Figure 9-2. Shared object references: because the list referenced by variable X is also referenced from within the objects referenced by L and D, changing the shared list from X makes it look different from L and D, too.
Because lists are mutable, changing the shared list object from any of the three references also changes what the other two reference:
>>> X[1] = 'surprise' # Changes all three references!
>>> L
['a', [1, 'surprise', 3], 'b']
>>> D
{'x': [1, 'surprise', 3], 'y': 2}
References are a higher-level analog of pointers in other languages. Although you can’t grab hold of the reference itself, it’s possible to store the same reference in more than one place (variables, lists, and so on). This is a feature—you can pass a large object around a program without generating expensive copies of it along the way. If you really do want copies, however, you can request them:
- Slice expressions with empty limits (L[:]) copy sequences.
- The dictionary and set copy method (X.copy()) copies a dictionary or set.
- Some built-in functions, such as list, make copies (list(L)).
- The copy standard library module makes full copies.

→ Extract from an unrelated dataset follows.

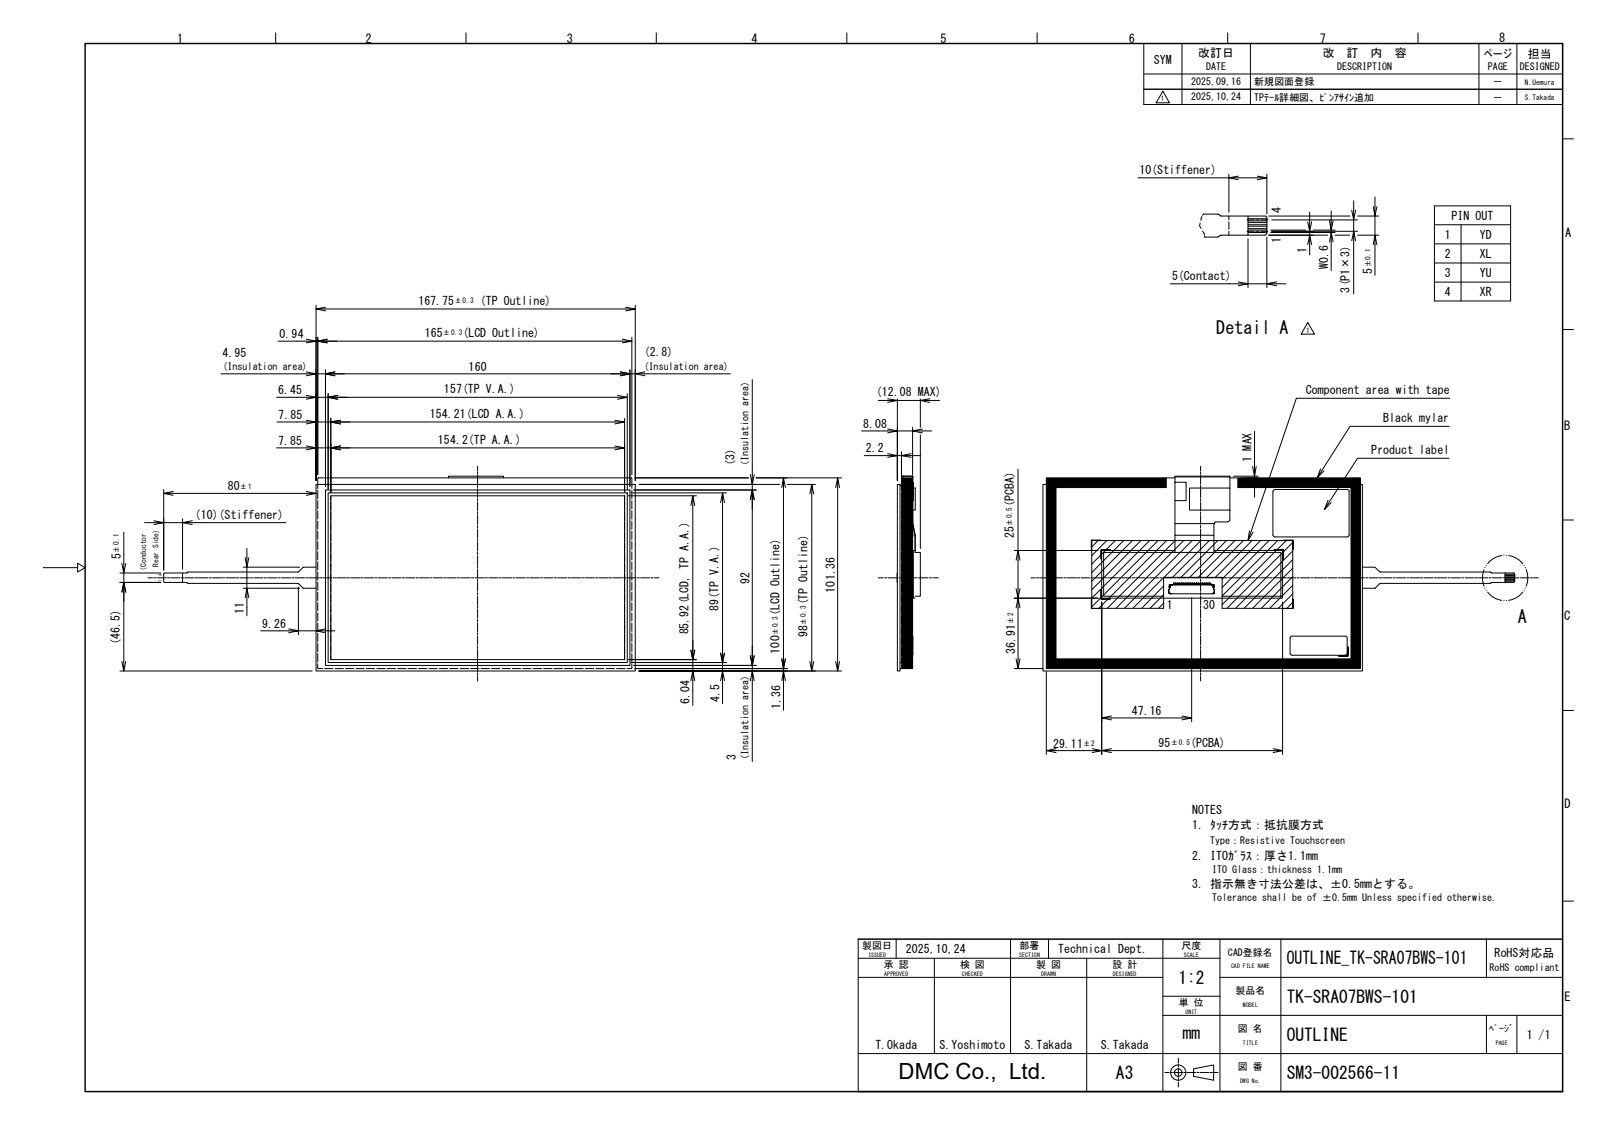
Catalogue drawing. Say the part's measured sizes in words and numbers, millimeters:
The part is named "HP_TK-SRA07BWS-101". Its 3-D file was written by "Autodesk Inventor 2024 (AUTOMOTIVE_DESIGN)". It is 1 solid with 1136 faces: 918 planar, 218 cylindrical and 0 other. Overall it measures 247.75 by 102.36 by 12.19 millimeters. Its volume is 128 949 cubic millimeters and its surface area 73 043 square millimeters. Partial cylindrical surfaces (rounded edges, fillets, slot ends): 95 of radius 0.1, 10 of radius 0.5, 10 of radius 1, 4 of radius 0.33, 2 of radius 0.15, 2 of radius 0.2, 2 of radius 0.3, 2 of radius 0.42. The main face-to-face distances are 1.4, 0.8, 2.2, 8.03, 5.83, 6.63, 5.88, 6.68, 8.08, 4.
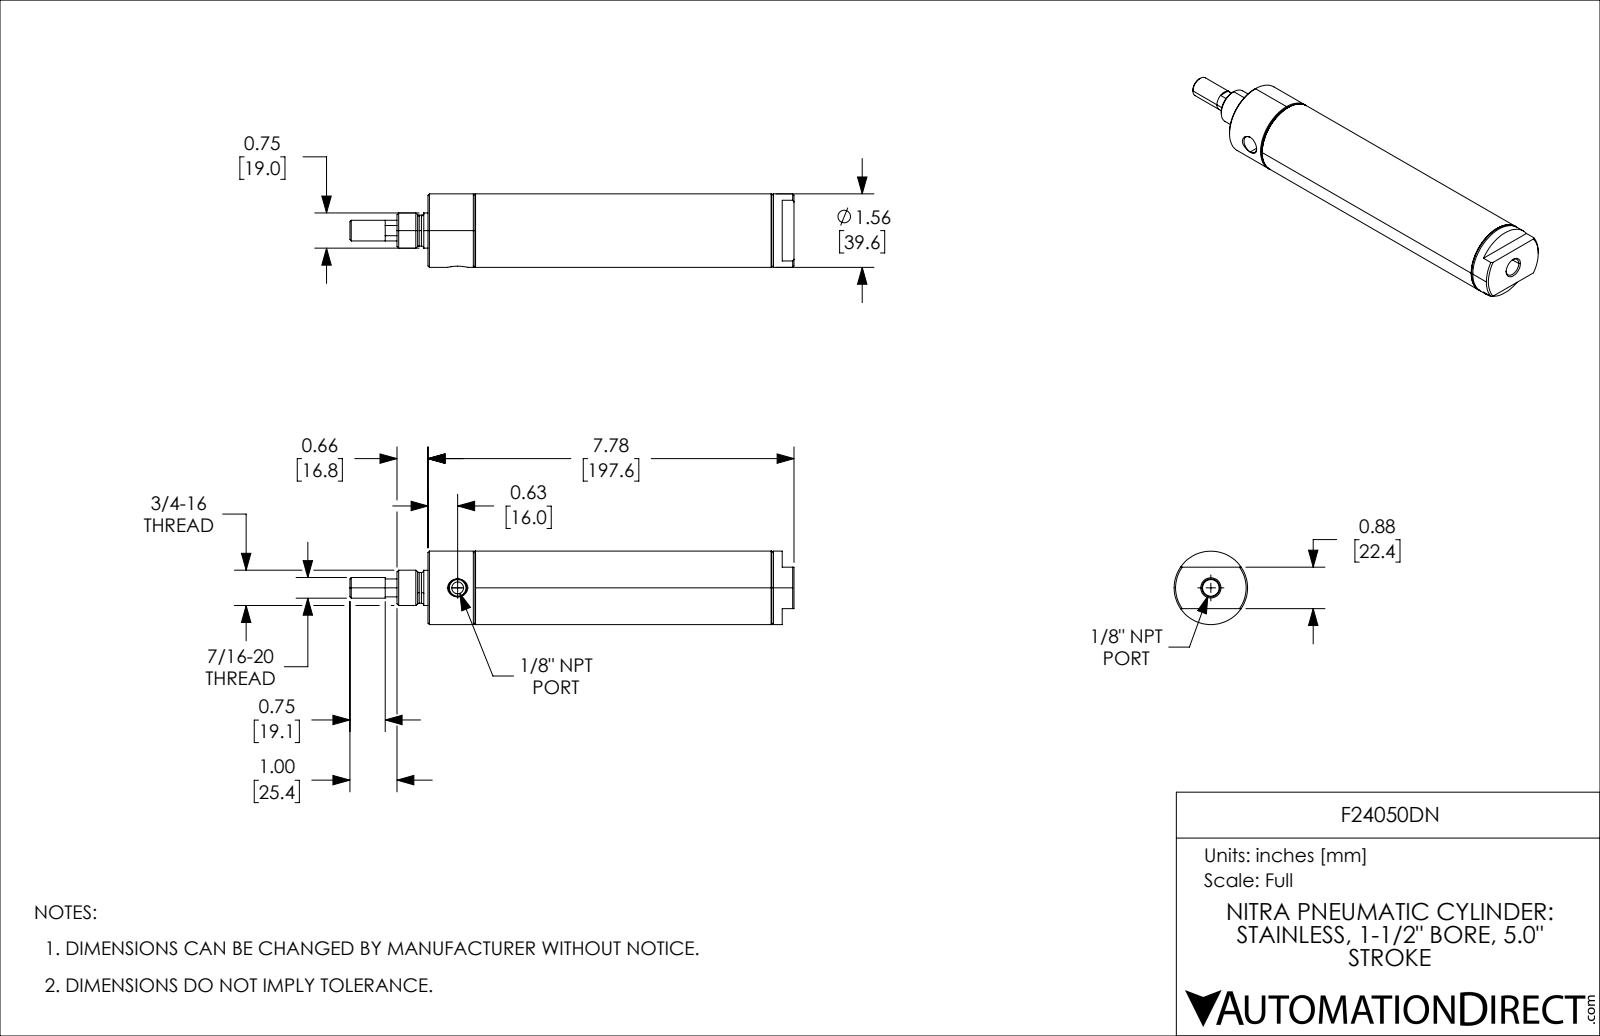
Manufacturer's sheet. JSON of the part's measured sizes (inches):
{"part_name": "F24050DN_3; F24050DN; F24050DN_9; F24050DN_5 (+1 more)", "step_written_by": "SolidWorks 2021 (CONFIG_CONTROL_DESIGN)", "units": "inches", "bodies": {"solids": 4, "faces": 126, "planar": 28, "cylindrical": 42, "other": 56}, "overall_size": [9.438, 1.56, 1.56], "volume_in3": 6.586, "surface_area_in2": 103.9, "round_holes": [[0.25, 1], [0.462, 1], [0.973, 1], [1.431, 1]], "round_bosses_or_shafts": [[1.56, 1], [1.511, 1], [0.75, 1], [0.748, 1], [0.654, 1], [0.438, 1], [0.437, 1]], "face_to_face_distances": [0.875, 0.25, 0.438, 5, 5.875, 1.215, 6.215, 7.09, 7.778, 6.563]}

For example, say you have a list and a dictionary, and you don’t want their values to be changed through other variables:
>>> L = [1,2,3]
>>> D = {'a':1, 'b':2}
To prevent this, simply assign copies to the other variables, not references to the same objects:
>>> A = L[:] # Instead of A = L (or list(L))
>>> B = D.copy() # Instead of B = D (ditto for sets)
This way, changes made from the other variables will change the copies, not the originals:
>>> A[1] = 'Ni'
>>> B['c'] = 'spam'
>>>
>>> L, D
([1, 2, 3], {'a': 1, 'b': 2})
>>> A, B
([1, 'Ni', 3], {'a': 1, 'c': 'spam', 'b': 2})
In terms of our original example, you can avoid the reference side effects by slicing the original list instead of simply naming it:
>>> X = [1, 2, 3]
>>> L = ['a', X[:], 'b'] # Embed copies of X's object
>>> D = {'x':X[:], 'y':2}
This changes the picture in Figure 9-2—L and D will now point to different lists than X. The net effect is that changes made through X will impact only X, not L and D; similarly, changes to L or D will not impact X.
One final note on copies: empty-limit slices and the dictionary copy method only make top-level copies; that is, they do not copy nested data structures, if any are present. If you need a complete, fully independent copy of a deeply nested data structure, use the standard copy module: include an import copy statement and say X = copy.deepcopy(Y) to fully copy an arbitrarily nested object Y. This call recursively traverses objects to copy all their parts. This is a much more rare case, though (which is why you have to say more to make it go). References are usually what you will want; when they are not, slices and copy methods are usually as much copying as you’ll need to do.